(Excerpts from a dataset)
##############################
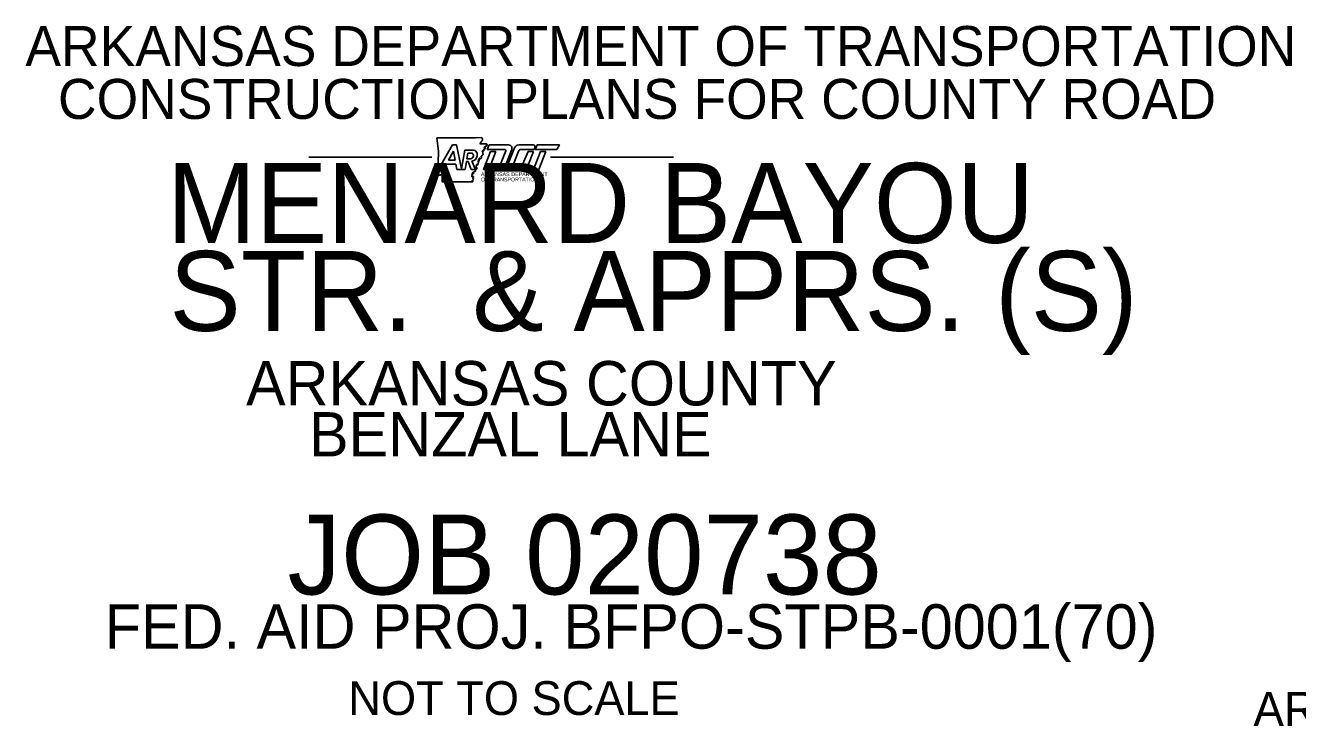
# Model space of a CAD drawing. Extents: x -28335 to 1228743, y -22428 to 152440.
# Drawn here: x -5314 to 23831, y 4514 to 20579 of the extents above; entities that cross this region are included whole.
import ezdxf

# ---------------------------------------------------------------- set-up
doc = ezdxf.new("R2010")
doc.units = 0
for name, color, linetype in [('2', 7, 'Continuous'), ('Default', 7, 'Continuous'), ('R_Border Notes', 7, 'Continuous'), ('R_Draft', 7, 'Continuous')]:
    doc.layers.add(name, color=color, linetype=linetype)

msp = doc.modelspace()

# ---------------------------------------------------------------- linework, layer by layer
at = {"layer": 'R_Border Notes'}
for p, q in [((4153, 17284), (4467, 17840)), ((4467, 17840), (4562, 17840)), ((4562, 17840), (4676, 17291)), ((5241, 17870), (5098, 17863)), ((5308, 17842), (5261, 17737)), ((5755, 17842), (5308, 17842)), ((6320, 17842), (5987, 17842)), ((6346, 17746), (6360, 17785)), ((6407, 17845), (6364, 17733)), ((6924, 17844), (6407, 17845)), ((6860, 17733), (6924, 17844)), ((4492, 17697), (4377, 17494)), ((4377, 17494), (4531, 17494)), ((4531, 17494), (4492, 17697)), ((4676, 17291), (4754, 17721)), ((4754, 17721), (4952, 17721)), ((4822, 17650), (4802, 17525)), ((4802, 17525), (4882, 17525)), ((4910, 17650), (4822, 17650)), ((4950, 17594), (4950, 17610)), ((5034, 17650), (5034, 17588)), ((5261, 17737), (5667, 17737)), ((5460, 17690), (5340, 17690)), ((5350, 17394), (5460, 17690)), ((5689, 17705), (5588, 17440)), ((5699, 17409), (5827, 17737)), ((5888, 17773), (5726, 17352)), ((5876, 17420), (5989, 17713)), ((6023, 17737), (6333, 17737)), ((6202, 17690), (6085, 17410)), ((6197, 17362), (6323, 17690)), ((6323, 17690), (6202, 17690)), ((6485, 17691), (6327, 17280)), ((6364, 17733), (6860, 17733)), ((6449, 17280), (6612, 17691)), ((6612, 17691), (6485, 17691)), ((4262, 17284), (4153, 17284)), ((4547, 17404), (4324, 17404)), ((4571, 17282), (4547, 17404)), ((4675, 17282), (4571, 17282)), ((4759, 17282), (4675, 17282)), ((4790, 17461), (4759, 17282)), ((4832, 17461), (4790, 17461)), ((4901, 17282), (4832, 17461)), ((4994, 17282), (4901, 17282)), ((4916, 17470), (4994, 17282)), ((5517, 17392), (5352, 17392)), ((5774, 17282), (6080, 17282)), ((6058, 17392), (5892, 17392)), ((6327, 17280), (6449, 17280))]:
    msp.add_line(p, q, dxfattribs=at)
for points in [[(5143, 18010), (4997, 18007), (4681, 18002), (4414, 18001), (4110, 18002)], [(4110, 18002), (4149, 17688), (4132, 17177)], [(5340, 17690), (5183, 17282), (5515, 17282)], [(4324, 17404), (4262, 17284), (4262, 17283), (4262, 17284)], [(4236, 17147), (4236, 16995), (4926, 16993)]]:
    msp.add_lwpolyline(points, dxfattribs=at)
for centre, radius, start, end in [((5755, 17765), 77, 338.81, 90.0244), ((5987, 17735), 107, 90.0159, 159.0252), ((6320, 17799), 42.5, 339.9797, 90.0159), ((4882, 17593), 68.4, 270, 0.8203), ((4910, 17610), 40, 0, 90.2531), ((4906, 17598), 128, 274.233, 355.6275), ((4942, 17627), 94.7, 14.1904, 83.9934), ((5667, 17714), 23.5, 339.1692, 89.9954), ((6023, 17700), 37.2, 90.0183, 159.0781), ((6333, 17750), 13.1, 270.0183, 339.9797), ((5352, 17394), 1.77, 159.6445, 270.0081), ((5515, 17480), 198, 269.9471, 338.81), ((5517, 17467), 75.1, 270.0081, 339.1692), ((5774, 17334), 51.6, 159.0252, 269.9823), ((5891, 17410), 18, 146.4856, 270.228), ((6058, 17421), 29.4, 270.0618, 337.3322), ((6080, 17407), 125, 269.9823, 339.0187)]:
    msp.add_arc(centre, radius, start, end, dxfattribs=at)
for points in [[(5098, 17863), (5103, 17875), (5104, 17880), (5108, 17886), (5110, 17891), (5115, 17896), (5118, 17900), (5122, 17904), (5124, 17910), (5128, 17915), (5132, 17919), (5137, 17924), (5142, 17929), (5145, 17933), (5149, 17937), (5153, 17940), (5158, 17945), (5159, 17951), (5160, 17957), (5160, 17964), (5161, 17971), (5160, 17977), (5156, 17983), (5150, 17986), (5147, 17990), (5146, 17998), (5144, 18002), (5143, 18010)], [(5065, 17452), (5064, 17453), (5059, 17458), (5059, 17466), (5059, 17472), (5060, 17478), (5063, 17482), (5066, 17478), (5068, 17474), (5069, 17469), (5073, 17467), (5078, 17468), (5081, 17473), (5083, 17478), (5083, 17483), (5081, 17487), (5076, 17488), (5070, 17489), (5067, 17492), (5069, 17500), (5069, 17505), (5069, 17511), (5073, 17513), (5075, 17510), (5074, 17505), (5074, 17500), (5081, 17497), (5085, 17502)], [(5085, 17502), (5086, 17511), (5087, 17516), (5086, 17525), (5084, 17531), (5084, 17537), (5088, 17539), (5092, 17538), (5096, 17535), (5100, 17530), (5104, 17529), (5108, 17531), (5112, 17531), (5117, 17531), (5121, 17530), (5124, 17532), (5126, 17536), (5127, 17542), (5131, 17545), (5133, 17550), (5134, 17556), (5133, 17561), (5130, 17567), (5126, 17572), (5126, 17579), (5129, 17583), (5135, 17584), (5136, 17585)], [(5136, 17585), (5141, 17585), (5145, 17591), (5147, 17596), (5149, 17600), (5152, 17606), (5154, 17611), (5158, 17615), (5163, 17614), (5168, 17613), (5172, 17614), (5175, 17620), (5174, 17625), (5172, 17631), (5171, 17636), (5170, 17644), (5167, 17647), (5161, 17650), (5156, 17655), (5152, 17659), (5158, 17663), (5164, 17666), (5163, 17672), (5164, 17678), (5168, 17684), (5167, 17689)], [(4915, 17188), (4917, 17192), (4921, 17193), (4927, 17191), (4933, 17188), (4938, 17184), (4945, 17181), (4950, 17184), (4954, 17189), (4952, 17196), (4946, 17197), (4941, 17197), (4935, 17203), (4935, 17212), (4939, 17213), (4945, 17216), (4949, 17217), (4954, 17215), (4961, 17213), (4964, 17215), (4969, 17222), (4970, 17228), (4971, 17233), (4986, 17232), (4995, 17237), (4995, 17247), (4996, 17254)], [(4996, 17254), (4998, 17260), (4998, 17265), (4999, 17267), (5000, 17272), (5005, 17274), (5011, 17282), (5012, 17294), (5030, 17299), (5031, 17307), (5032, 17313), (5026, 17320), (5019, 17323), (5012, 17338), (5013, 17353), (5008, 17362), (5012, 17364), (5013, 17364)], [(5013, 17364), (5018, 17364), (5024, 17368), (5024, 17369), (5025, 17375), (5024, 17380), (5022, 17387), (5023, 17390), (5027, 17390), (5032, 17388), (5033, 17385), (5033, 17382), (5034, 17379), (5036, 17377), (5039, 17377), (5043, 17382), (5044, 17386), (5045, 17392), (5048, 17395), (5051, 17397), (5056, 17402), (5058, 17407), (5060, 17415), (5059, 17423), (5061, 17430), (5062, 17436), (5066, 17442), (5067, 17447), (5065, 17452)], [(4132, 17177), (4137, 17170), (4139, 17165), (4143, 17159), (4147, 17156), (4153, 17155), (4154, 17149), (4159, 17148), (4164, 17150), (4170, 17148), (4177, 17152), (4181, 17151), (4186, 17154), (4190, 17150), (4197, 17153), (4204, 17157), (4210, 17153), (4216, 17153), (4222, 17152), (4228, 17152), (4233, 17149), (4236, 17147)], [(4947, 17117), (4946, 17116), (4943, 17113), (4941, 17110), (4938, 17107), (4936, 17104), (4931, 17102), (4924, 17101), (4921, 17103), (4920, 17108), (4924, 17112), (4929, 17114), (4933, 17116), (4936, 17121), (4934, 17127), (4929, 17130), (4925, 17127), (4923, 17123), (4921, 17120), (4917, 17118), (4914, 17117), (4912, 17119), (4912, 17124), (4915, 17131), (4917, 17136), (4917, 17141), (4915, 17149), (4913, 17155), (4914, 17156), (4918, 17158), (4924, 17160), (4927, 17161), (4928, 17166), (4924, 17172), (4919, 17177), (4916, 17184), (4915, 17188)], [(4926, 16993), (4934, 16997), (4937, 17001), (4937, 17004), (4935, 17009), (4931, 17014), (4928, 17016), (4924, 17021), (4923, 17027), (4927, 17030), (4934, 17029), (4941, 17029), (4944, 17031), (4945, 17036), (4945, 17040), (4945, 17045), (4947, 17052), (4950, 17057), (4954, 17062), (4954, 17067), (4951, 17070), (4946, 17069), (4942, 17068), (4939, 17073), (4937, 17078), (4936, 17086), (4941, 17093), (4945, 17097), (4949, 17102), (4951, 17108), (4952, 17114), (4950, 17117), (4947, 17117)]]:
    msp.add_spline(points, degree=3, dxfattribs=at)
for points in [[(5199, 17777), (5199, 17777), (5199, 17777), (5199, 17778), (5199, 17778), (5200, 17779), (5200, 17780), (5200, 17780), (5200, 17781), (5200, 17781), (5200, 17782), (5200, 17783), (5200, 17783), (5200, 17784), (5199, 17784), (5199, 17785), (5199, 17785), (5199, 17786), (5199, 17787), (5199, 17787), (5199, 17788), (5199, 17788), (5199, 17789), (5199, 17789), (5199, 17790), (5199, 17790), (5200, 17791), (5200, 17791), (5200, 17792), (5201, 17793), (5202, 17793), (5202, 17794), (5202, 17794), (5202, 17794), (5202, 17794), (5203, 17794), (5203, 17794), (5203, 17795), (5204, 17795), (5204, 17795), (5205, 17795), (5205, 17796), (5206, 17796), (5206, 17796), (5207, 17796), (5208, 17796), (5209, 17796), (5209, 17797), (5210, 17797), (5211, 17797), (5212, 17797), (5213, 17797), (5214, 17797), (5214, 17797), (5215, 17797), (5215, 17797), (5216, 17797), (5216, 17797), (5217, 17798), (5217, 17798), (5217, 17798), (5218, 17798), (5218, 17798), (5219, 17798), (5220, 17798), (5221, 17798), (5222, 17799), (5223, 17799), (5224, 17799), (5225, 17800), (5226, 17800), (5227, 17800), (5228, 17800), (5229, 17801), (5230, 17801), (5231, 17801), (5231, 17802), (5231, 17802), (5231, 17802), (5232, 17803), (5232, 17803), (5232, 17803), (5232, 17804), (5232, 17804), (5232, 17805), (5233, 17805), (5233, 17805), (5233, 17806), (5233, 17806), (5234, 17806), (5234, 17807)], [(5234, 17807), (5234, 17807), (5234, 17807), (5234, 17807), (5235, 17807), (5235, 17808), (5235, 17808), (5236, 17809), (5236, 17809), (5237, 17809), (5237, 17810), (5238, 17810), (5238, 17810), (5239, 17811), (5239, 17811), (5240, 17811), (5240, 17811), (5241, 17811), (5241, 17811), (5242, 17812), (5242, 17812), (5243, 17812), (5243, 17812), (5244, 17812), (5244, 17812), (5245, 17813), (5246, 17813), (5247, 17814), (5248, 17814), (5249, 17815), (5250, 17815), (5251, 17815), (5251, 17816), (5251, 17816), (5252, 17817), (5252, 17817), (5252, 17817), (5253, 17818), (5253, 17819), (5253, 17820), (5253, 17820), (5253, 17821), (5253, 17821), (5253, 17822), (5253, 17822), (5253, 17823), (5253, 17823), (5253, 17824), (5253, 17824), (5252, 17824), (5252, 17825), (5252, 17825), (5251, 17826), (5251, 17826), (5250, 17827), (5250, 17827), (5250, 17827), (5249, 17828), (5249, 17828), (5248, 17828), (5248, 17829), (5247, 17829), (5247, 17829), (5246, 17830), (5245, 17831), (5245, 17832), (5244, 17832), (5243, 17833), (5243, 17833), (5243, 17834), (5242, 17834), (5242, 17834), (5242, 17835), (5242, 17835), (5242, 17835), (5242, 17835), (5242, 17835), (5242, 17835), (5242, 17835), (5242, 17836), (5242, 17836), (5242, 17836), (5243, 17836), (5243, 17837), (5244, 17837), (5244, 17837), (5245, 17838), (5245, 17838), (5246, 17838), (5246, 17838), (5247, 17839), (5247, 17839), (5247, 17839), (5247, 17839), (5248, 17839), (5248, 17839), (5248, 17839), (5249, 17839), (5249, 17839), (5250, 17839), (5250, 17839), (5250, 17839), (5251, 17838), (5251, 17838), (5251, 17838), (5251, 17838)], [(5251, 17838), (5251, 17838), (5252, 17838), (5252, 17838), (5253, 17839), (5254, 17839), (5255, 17839), (5256, 17839), (5257, 17839), (5258, 17839), (5258, 17839), (5259, 17839), (5259, 17839), (5259, 17839), (5259, 17839), (5259, 17839), (5260, 17839), (5260, 17839), (5261, 17839), (5261, 17839), (5262, 17839), (5262, 17839), (5263, 17839), (5263, 17840), (5263, 17840), (5264, 17840), (5264, 17840), (5264, 17840), (5264, 17840), (5264, 17840), (5264, 17840), (5264, 17840), (5264, 17841), (5264, 17841), (5264, 17841), (5265, 17841), (5265, 17842), (5265, 17842), (5265, 17842), (5265, 17843), (5265, 17843), (5265, 17844), (5265, 17844), (5264, 17846), (5263, 17847), (5262, 17849), (5261, 17850), (5260, 17852), (5259, 17853), (5258, 17853), (5258, 17854), (5258, 17854), (5257, 17854), (5257, 17854), (5256, 17854), (5256, 17854), (5255, 17854), (5255, 17854), (5255, 17854), (5254, 17854), (5254, 17855), (5252, 17855), (5251, 17856), (5250, 17858), (5250, 17858), (5249, 17859), (5249, 17859), (5249, 17860), (5249, 17860), (5248, 17861), (5248, 17861), (5248, 17862), (5248, 17862), (5247, 17863), (5247, 17863), (5247, 17864), (5247, 17864), (5246, 17864), (5246, 17865), (5246, 17865), (5246, 17865), (5246, 17866), (5245, 17866), (5245, 17867), (5244, 17868), (5244, 17868), (5243, 17869), (5243, 17869), (5242, 17870), (5241, 17870), (5241, 17870)], [(5167, 17689), (5166, 17690), (5166, 17691), (5166, 17692), (5165, 17693), (5165, 17693), (5165, 17693), (5165, 17694), (5164, 17694), (5164, 17694), (5164, 17694), (5164, 17695), (5164, 17695), (5164, 17695), (5163, 17695), (5163, 17695), (5163, 17695), (5162, 17695), (5162, 17695), (5162, 17695), (5162, 17695), (5161, 17695), (5161, 17695), (5161, 17695), (5161, 17694), (5160, 17694), (5160, 17694), (5160, 17693), (5160, 17693), (5160, 17693), (5160, 17692), (5160, 17692), (5160, 17692), (5160, 17691), (5159, 17691), (5159, 17691), (5159, 17690), (5159, 17690), (5158, 17690), (5158, 17690), (5158, 17690), (5158, 17690), (5157, 17690), (5157, 17689), (5157, 17689), (5157, 17689), (5156, 17689), (5156, 17689), (5156, 17689), (5155, 17689), (5155, 17689), (5155, 17689), (5154, 17689), (5154, 17689), (5154, 17690), (5153, 17690), (5153, 17690), (5153, 17690), (5152, 17690), (5152, 17690), (5152, 17691), (5151, 17691), (5151, 17691), (5151, 17691), (5151, 17691), (5151, 17691), (5151, 17691), (5151, 17692), (5151, 17692), (5150, 17692), (5150, 17693), (5150, 17693), (5150, 17694), (5149, 17694), (5149, 17695), (5149, 17695), (5149, 17696), (5150, 17696), (5150, 17697), (5150, 17697), (5150, 17697), (5150, 17698), (5151, 17698), (5151, 17699), (5151, 17699), (5152, 17700), (5152, 17701), (5153, 17701), (5153, 17702), (5154, 17702), (5154, 17703), (5155, 17703), (5155, 17703), (5156, 17704), (5156, 17704), (5157, 17705), (5157, 17705), (5158, 17705), (5158, 17706), (5159, 17706), (5159, 17707), (5160, 17707), (5161, 17708), (5161, 17709), (5162, 17710), (5163, 17710), (5163, 17711), (5164, 17711), (5165, 17712), (5165, 17712), (5165, 17712), (5166, 17713), (5166, 17713), (5166, 17713), (5167, 17713), (5167, 17714), (5168, 17714), (5168, 17714)], [(5168, 17714), (5168, 17714), (5168, 17714), (5168, 17714), (5169, 17714), (5169, 17713), (5170, 17713), (5170, 17713), (5170, 17713), (5171, 17712), (5171, 17712), (5171, 17712), (5171, 17711), (5172, 17711), (5172, 17711), (5172, 17711), (5172, 17710), (5172, 17710), (5172, 17710), (5172, 17709), (5172, 17709), (5172, 17708), (5172, 17708), (5172, 17707), (5173, 17707), (5173, 17706), (5173, 17705), (5173, 17704), (5173, 17703), (5173, 17701), (5173, 17700), (5174, 17699), (5174, 17698), (5174, 17697), (5174, 17696), (5174, 17696), (5175, 17696), (5175, 17696), (5175, 17696), (5175, 17696), (5175, 17696), (5176, 17696), (5176, 17697), (5177, 17697), (5178, 17698), (5178, 17699), (5178, 17699), (5179, 17700), (5179, 17700), (5179, 17701), (5180, 17701), (5180, 17702), (5180, 17702), (5180, 17703), (5181, 17704), (5181, 17704), (5181, 17705), (5181, 17705), (5182, 17707), (5182, 17710), (5183, 17712), (5183, 17713), (5183, 17715), (5183, 17716), (5182, 17718), (5182, 17720), (5181, 17722), (5181, 17724), (5180, 17725), (5180, 17727), (5180, 17727), (5180, 17727), (5180, 17727)], [(5180, 17727), (5180, 17728), (5180, 17728), (5180, 17728), (5180, 17729), (5180, 17729), (5180, 17730), (5181, 17730), (5181, 17731), (5181, 17731), (5181, 17732), (5181, 17732), (5182, 17732), (5182, 17733), (5182, 17733), (5182, 17733), (5182, 17733), (5182, 17734), (5181, 17734), (5181, 17734), (5181, 17735), (5181, 17735), (5181, 17736), (5181, 17736), (5181, 17737), (5181, 17737), (5181, 17737), (5182, 17738), (5182, 17738), (5182, 17738), (5182, 17738), (5182, 17739), (5182, 17739), (5182, 17739), (5183, 17739), (5183, 17740), (5183, 17740), (5184, 17740), (5184, 17740), (5185, 17740), (5185, 17740), (5185, 17740), (5186, 17740), (5187, 17740), (5188, 17739), (5189, 17739), (5191, 17738), (5192, 17738), (5193, 17737), (5194, 17737), (5194, 17737), (5194, 17736), (5195, 17736), (5195, 17735), (5195, 17735), (5195, 17734), (5196, 17734), (5196, 17733), (5196, 17733), (5196, 17733), (5197, 17732), (5198, 17732), (5198, 17732), (5199, 17731), (5200, 17731), (5201, 17731), (5202, 17731), (5203, 17732), (5204, 17732), (5204, 17732), (5205, 17733), (5205, 17733), (5205, 17733), (5206, 17733), (5206, 17733), (5206, 17734), (5206, 17734), (5206, 17734), (5206, 17734), (5207, 17735), (5207, 17737), (5207, 17738), (5206, 17740), (5205, 17741), (5204, 17742), (5204, 17743), (5203, 17743), (5203, 17743), (5203, 17743), (5202, 17744), (5202, 17744), (5202, 17744), (5201, 17744), (5201, 17744), (5201, 17745), (5200, 17745), (5200, 17745)], [(5200, 17745), (5200, 17745), (5200, 17745), (5200, 17745), (5199, 17746), (5199, 17746), (5198, 17747), (5198, 17748), (5198, 17749), (5198, 17749), (5199, 17749), (5199, 17750), (5199, 17750), (5200, 17751), (5200, 17751), (5200, 17751), (5201, 17752), (5202, 17753), (5203, 17753), (5203, 17753), (5204, 17753), (5204, 17754), (5204, 17754), (5205, 17754), (5205, 17754), (5206, 17754), (5206, 17754), (5206, 17754), (5207, 17755), (5207, 17755), (5208, 17755), (5209, 17756), (5211, 17758), (5212, 17759), (5213, 17760), (5213, 17760), (5213, 17760), (5214, 17761), (5214, 17761), (5214, 17762), (5215, 17763), (5216, 17763), (5216, 17764), (5217, 17765), (5217, 17766), (5217, 17766), (5217, 17767), (5217, 17767), (5217, 17768), (5217, 17768), (5217, 17768), (5217, 17769), (5217, 17769), (5216, 17769), (5216, 17769), (5216, 17769), (5216, 17770), (5216, 17770), (5215, 17770), (5215, 17770), (5214, 17770), (5213, 17771), (5212, 17771), (5211, 17771), (5211, 17772), (5210, 17772), (5210, 17772), (5210, 17772), (5209, 17772), (5209, 17772), (5208, 17772), (5208, 17772), (5207, 17772), (5207, 17772), (5206, 17772), (5206, 17772), (5205, 17772), (5205, 17772), (5204, 17772), (5204, 17772), (5203, 17772), (5202, 17772), (5202, 17772), (5201, 17773), (5201, 17773), (5200, 17773), (5200, 17774), (5200, 17774), (5200, 17774), (5200, 17774), (5199, 17775), (5199, 17775), (5199, 17775), (5199, 17775), (5199, 17775), (5199, 17776), (5199, 17776), (5199, 17776), (5199, 17776), (5199, 17777)]]:
    msp.add_open_spline(points, degree=3, dxfattribs=at)
at = {"layer": 'R_Draft'}
for p, q in [((1178, 17562), (3993, 17562)), ((6715, 17562), (9530, 17562))]:
    msp.add_line(p, q, dxfattribs=at)

# ---------------------------------------------------------------- texts
at = {"layer": '2'}
msp.add_text('NOT TO SCALE', height=774.01, dxfattribs=at).set_placement((2084, 4779))
at = {"layer": 'Default'}
for s, height, p in [('MENARD BAYOU ', 1831.35, (-2072, 15597)), ('STR.  & APPRS. (S)', 1831.35, (-2014, 13580)), ('ARKANSAS COUNTY', 1017.41, (-260, 11872)), ('BENZAL LANE', 1017.41, (1182, 10702)), ('JOB 020738', 1831.3, (692, 7541)), ('FED. AID PROJ. BFPO-STPB-0001(70)', 1017.41, (-3497, 6298))]:
    msp.add_text(s, height=height, dxfattribs=at).set_placement(p)
at = {"layer": 'R_Border Notes'}
for s, height, p in [('ARKANSAS', 87.2, (5122, 17126)), ('DEPARTMENT', 87.2, (5819, 17126)), ('OF TRANSPORTATION', 87.23, (5122, 17005))]:
    msp.add_text(s, height=height, dxfattribs=at).set_placement(p)
at = {"layer": 'R_Draft'}
for s, height, p in [('ARKANSAS DEPARTMENT OF TRANSPORTATION', 915.67, (-5316, 19650)), ('CONSTRUCTION PLANS FOR COUNTY ROAD', 915.67, (-4568, 18438)), ('ARKANSAS HIGHWAY DISTRICT 2', 783.39, (22820, 4525))]:
    msp.add_text(s, height=height, dxfattribs=at).set_placement(p)

doc.saveas('drawing.dxf')
##############################
Exercise aim
Restate word for word only the lines above from the line containing "import ezdxf" to the line containing "doc.units = 0", both of them included.

Written solution
import ezdxf

# ---------------------------------------------------------------- set-up
doc = ezdxf.new("R2010")
doc.units = 0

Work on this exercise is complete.